This article from Alternet on 12 Things You Need to Know About the Uprising in Wisconsin is chock-full of good information, but I’d like to focus in is this bit at the end, which gets at a key issue:
The Right has made great political progress getting Americans to ask the question: “How come that guy’s getting what I don’t have?” It’s the crux of the politics of grievance. Progressives need to get Americans to ask a different question: “What’s keeping me from getting what that guy has?” At least part of the answer is the Right’s decades-long assault on private sector workers’ ability to organize, and the latest battle is being waged in Wisconsin.
I think that’s an important point. Some people seem to find the idea of teachers and other public workers having decent, middle-class salaries and good benefits a kind of affront. But that’s what we should want for everybody! The fact that such a small percentage of Americans now belong to unions is one reason for this attitude. Instead of unions being seen as “us” they’re perceived as just another special interest. No doubt the unions themselves are partly to blame for this, but more influential, I’d argue, is the notion that we should all just throw ourselves at the mercy of the free market and trust that individual pluck and talent will lead to economic success, despite all evidence to the contrary. This is the conservative-Reaganite gospel in a nutshell that’s been used as a justification for weakening unions, cutting taxes and regulation, and blowing holes in the social safety net for over 30 years. (Not coincidentally, pitting segments of the working- and middle-classes against one another ultimately redounds to the benefit of the wealthy.)

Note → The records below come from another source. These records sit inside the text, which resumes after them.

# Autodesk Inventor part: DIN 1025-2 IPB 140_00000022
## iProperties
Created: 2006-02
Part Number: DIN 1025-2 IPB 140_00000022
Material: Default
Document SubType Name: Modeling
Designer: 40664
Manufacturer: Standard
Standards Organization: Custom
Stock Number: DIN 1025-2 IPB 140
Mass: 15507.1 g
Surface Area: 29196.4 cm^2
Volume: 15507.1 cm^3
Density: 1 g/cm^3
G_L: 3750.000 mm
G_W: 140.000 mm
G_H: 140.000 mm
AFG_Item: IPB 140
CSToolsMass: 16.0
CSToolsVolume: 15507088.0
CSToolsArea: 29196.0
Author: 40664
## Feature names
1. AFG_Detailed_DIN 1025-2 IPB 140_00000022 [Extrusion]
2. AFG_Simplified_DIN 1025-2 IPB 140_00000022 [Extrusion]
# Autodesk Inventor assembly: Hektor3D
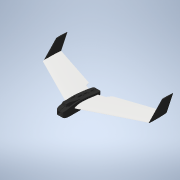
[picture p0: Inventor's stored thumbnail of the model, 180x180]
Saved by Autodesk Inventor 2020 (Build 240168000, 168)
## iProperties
Part Number: Hektor3D
Document SubType Name: Assembly
Designer: Admin
Mass: 21163.6 g
Surface Area: 21673.8 cm^2
Volume: 18590.6 cm^3
Density: 1.1384 g/cm^3
Revision: -
VAULT_Status: in Bearbeitung
Gewicht: 21,164 kg
InventorVersion: 2019.4
Author: Admin
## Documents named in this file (9)
- C:\Users\MartinDJay\Documents\GitHub\CAD_Elements\CAD\Hektor\Hektor_3D\Hektor3D.iam
- HEKTOR3D_HEKTOR3D.IAM
- C:\Users\MartinDJay\Documents\GitHub\CAD_Elements\CAD\Hektor\Hektor_3D\Rumpfhälfte.ipt
- C:\Users\MartinDJay\Documents\GitHub\CAD_Elements\CAD\Hektor\Hektor_3D\Rumpfhälfte1.ipt
- C:\Users\MartinDJay\Documents\GitHub\CAD_Elements\CAD\Hektor\Hektor_3D\wing_r.ipt
- C:\Users\MartinDJay\Documents\GitHub\CAD_Elements\CAD\Hektor\Hektor_3D\Wing_L.ipt
- C:\Users\MartinDJay\Documents\GitHub\CAD_Elements\CAD\Hektor\Hektor_3D\Winlet_R.ipt
- C:\Users\MartinDJay\Documents\GitHub\CAD_Elements\CAD\Hektor\Hektor_3D\Winglet_L.ipt
- C:\Users\MartinDJay\Documents\GitHub\CAD_Elements\CAD\Hektor\Hektor_3D\canopy.ipt
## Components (7 placed, 7 different names)
1. RUMPFHÄLFTE_RUMPFHÄLFTE:1 — Fluchtend:1, Fluchtend:2, Fluchtend:3, Passend:3, Passend:4, Passend:23, Winkel:4
2. RUMPFHÄLFTE1_RUMPFHÄLFTE1:1 — Passend:1, Fluchtend:4, Passend:2, Passend:5, Passend:6, Passend:24, Passend:40
3. WING_R_WING_R:1 — Passend:3, Passend:4, Passend:9, Fluchtend:12, Passend:38, Winkel:4, Passend:39
4. WING_L_WING_L:1 — Passend:5, Passend:6, Passend:12, Passend:38
5. WINLET_R_WINLET_R:1 — Passend:9, Fluchtend:12, Fluchtend:13, Passend:11, Passend:39
6. WINGLET_L_WINGLET_L:1 — Fluchtend:13, Passend:11, Passend:12
7. CANOPY_CANOPY:1 — Passend:23, Passend:24, Fluchtend:15, Passend:40
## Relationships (22: Mate 14, Flush 7, Angle 1)
- Fluchtend:1 [Flush]: RUMPFHÄLFTE_RUMPFHÄLFTE:1
- Fluchtend:2 [Flush]: RUMPFHÄLFTE_RUMPFHÄLFTE:1
- Fluchtend:3 [Flush]: RUMPFHÄLFTE_RUMPFHÄLFTE:1
- Passend:1 [Mate]: RUMPFHÄLFTE1_RUMPFHÄLFTE1:1
- Fluchtend:4 [Flush]: RUMPFHÄLFTE1_RUMPFHÄLFTE1:1
- Passend:2 [Mate]: RUMPFHÄLFTE1_RUMPFHÄLFTE1:1
- Passend:3 [Mate]: RUMPFHÄLFTE_RUMPFHÄLFTE:1 ↔ WING_R_WING_R:1
- Passend:4 [Mate]: RUMPFHÄLFTE_RUMPFHÄLFTE:1 ↔ WING_R_WING_R:1
- Passend:5 [Mate]: RUMPFHÄLFTE1_RUMPFHÄLFTE1:1 ↔ WING_L_WING_L:1
- Passend:6 [Mate]: RUMPFHÄLFTE1_RUMPFHÄLFTE1:1 ↔ WING_L_WING_L:1
- Passend:9 [Mate]: WING_R_WING_R:1 ↔ WINLET_R_WINLET_R:1
- Fluchtend:12 [Flush]: WING_R_WING_R:1 ↔ WINLET_R_WINLET_R:1
- Fluchtend:13 [Flush]: WINLET_R_WINLET_R:1 ↔ WINGLET_L_WINGLET_L:1
- Passend:11 [Mate]: WINLET_R_WINLET_R:1 ↔ WINGLET_L_WINGLET_L:1
- Passend:12 [Mate]: WING_L_WING_L:1 ↔ WINGLET_L_WINGLET_L:1
- Passend:23 [Mate]: RUMPFHÄLFTE_RUMPFHÄLFTE:1 ↔ CANOPY_CANOPY:1
- Passend:24 [Mate]: RUMPFHÄLFTE1_RUMPFHÄLFTE1:1 ↔ CANOPY_CANOPY:1
- Fluchtend:15 [Flush]: CANOPY_CANOPY:1
- Passend:38 [Mate]: WING_R_WING_R:1 ↔ WING_L_WING_L:1
- Winkel:4 [Angle]: RUMPFHÄLFTE_RUMPFHÄLFTE:1 ↔ WING_R_WING_R:1
- Passend:39 [Mate]: WING_R_WING_R:1 ↔ WINLET_R_WINLET_R:1
- Passend:40 [Mate]: RUMPFHÄLFTE1_RUMPFHÄLFTE1:1 ↔ CANOPY_CANOPY:1
## Named parameters: Gewicht = 211.63592 mm

Another example of this phenomenon is highlighted here by the Slacktivist (via Jeremy). Apparently the budget priorities favored by evangelical Christians in America are cutting spending on foreign aid, unemployment benefits, and environmental protection. Again, the underlying idea seems to be that some “others” are getting some good stuff they don’t deserve and the only way we preserver our own well-being is by taking away it from them. Never mind that none of these three areas are major drivers of the U.S. budget. Foreign aid in particular is laughably small, especially if we’re talking about genuine humanitarian aid, as opposed to the military aid we give to countries like Egypt, Israel, and Colombia.
All of this highlights why the value of solidarity is so important for the Left (and, I’d add, Christian social thought). It explicitly denies that it’s each man for himself. On the contrary, solidarity means we’re all in this together. If it stands for nothing else, the Left stands for the belief that social improvement through collective action is possible and that our interests are inextricably bound together. If instead people see themselves as isolated atoms and society as a zero-sum game, progress becomes virtually impossible.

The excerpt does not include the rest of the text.